Schon für sich ein Erfolg: Selbstständigenverbände stellen Mehrheit der Teilnehmer

Andreas Lutz (VGSD) mit Jörg Zeyßig (BVBC) und MdB Rosemann (Foto: spdfraktion.de)

Andreas Lutz (VGSD) mit Jörg Zeyßig (BVBC) und MdB Rosemann (Foto: spdfraktion.de)

Mit einem Zeitanteil von eineinhalb Stunden entfiel der Großteil des Treffens auf die Diskussion von drei vorgegebenen Leitfragen mit jeweils einem Abgeordneten. Dazu hatten sich die Teilnehmer und die MdB auf drei Tische verteilt. Am Ende wurden die Ergebnisse von den Gastgebern noch einmal zusammengefasst, mit Zustimmung bzw. auch Korrekturen aus dem Kreis der Teilnehmer.

 

Die Veranstaltung war gut besucht, gut 30 Vertreter hauptsächlich von Selbstständigen-Verbänden, aber auch Gewerkschaftsfunktionäre, AGS-Mitglieder und ein Sprecher der Deutschen Rentenversicherung waren anwesend.

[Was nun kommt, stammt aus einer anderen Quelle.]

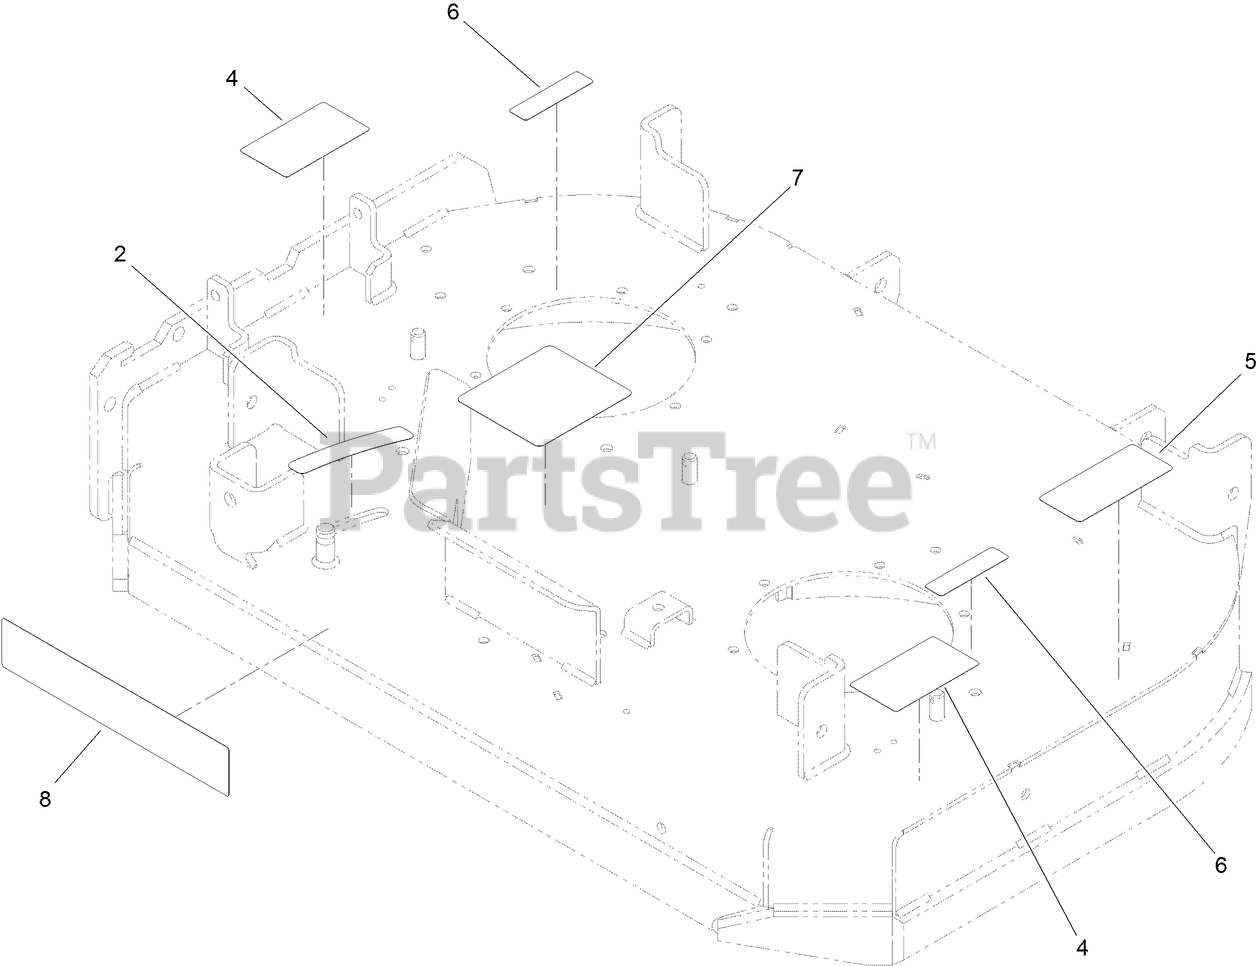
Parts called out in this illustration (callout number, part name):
2	DECAL-SETTING, BAFFLE
4	DECAL-DANGER
5	DECAL-TORQUE, BLADE BOLT
6	DECAL-DANGER
7	DECAL-ROUTING, BELT

An dem hohen Anteil von Selbstständigen hatte ich einen nicht unerheblichen Anteil, da ich den Veranstaltern eine ganze Reihe von Verbänden nannte, die aus meiner Erfahrung zu oben genannten Fragen besonders aktiv sind. Sie wurden dankenswerter Weise eingeladen – und kamen auch zu einem sehr hohen Anteil. Diese Präsenz vielfältiger Verbände veränderte den Diskusssionsverlauf und war aus meiner Sicht für sich genommen schon ein Erfolg.

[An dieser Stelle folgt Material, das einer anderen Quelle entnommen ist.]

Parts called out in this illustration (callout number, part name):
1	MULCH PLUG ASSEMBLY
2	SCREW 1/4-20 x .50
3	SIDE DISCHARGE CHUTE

Dr. Marei Strack (DDIM) und Andreas Lutz (VGSD) an Tisch 2 (Foto: spdfraktion.de)

Dr. Marei Strack (DDIM) an Tisch 2 (Foto: spdfraktion.de)

Die vorgegebenen Diskussionsfragen sah ich etwas kritisch, weil die Fragestellungen eine Vorentscheidung zugunsten einer Altersvorsorgepflicht bereits implizierten. Doch die anwesenden Selbstständigen ließen sich davon nicht irritieren und sorgten dafür, dass alle aus meiner Sicht wichtigen Fragen und Einwände zur Sprache kamen. An allen drei Tischen kam es zu lebendigen Diskussionen.

 

Wichtig war auch die Zustimmung von MdB Rosemann dazu, dass die erst hinzugekommenen Verbandsvertreter auch im Nachgang noch kurze Positionspapiere einreichen können, denn viele erfuhren erst durch die Veranstaltung von dieser Möglichkeit.

 


Jetzt mitzeichnen: Mit unserer Petition setzen wir uns für faire Kranken- und Pflegeversicherungsbeiträge ein. Es ist nicht einzusehen, dass Selbstständige deutlich mehr zahlen als Arbeitgeber und -nehmer zusammen. Eine Gesetzesverschärfung zum 1.1.18 macht eine Reform noch dringlicher.


 

Diese Fragen wurden zur Diskussion gestellt

 

Quelle: spdfraktion.de

Lebhaftes Gespräch an Tisch 2 (Foto: spdfraktion.de)

Tisch 1: Brauchen wir für die Altersvorsorge eine Pflichtverischerung in der gesetzlichen Rentenversicherung oder reicht der Nachweis irgendeiner Altersvorsorge?

 

Tisch 2: Wie kann eine praxistaugliche Beitragsgestaltung für Selbstständige angesichts unsteter Einkommen und eines fehlenden „Arbeitgeberbeitrags“ aussehen?

Tisch 3: Wie kann eine Mindestsicherung erreicht werden, die auch (Solo-)Selbstständige wirksam vor Altersarmut schützt?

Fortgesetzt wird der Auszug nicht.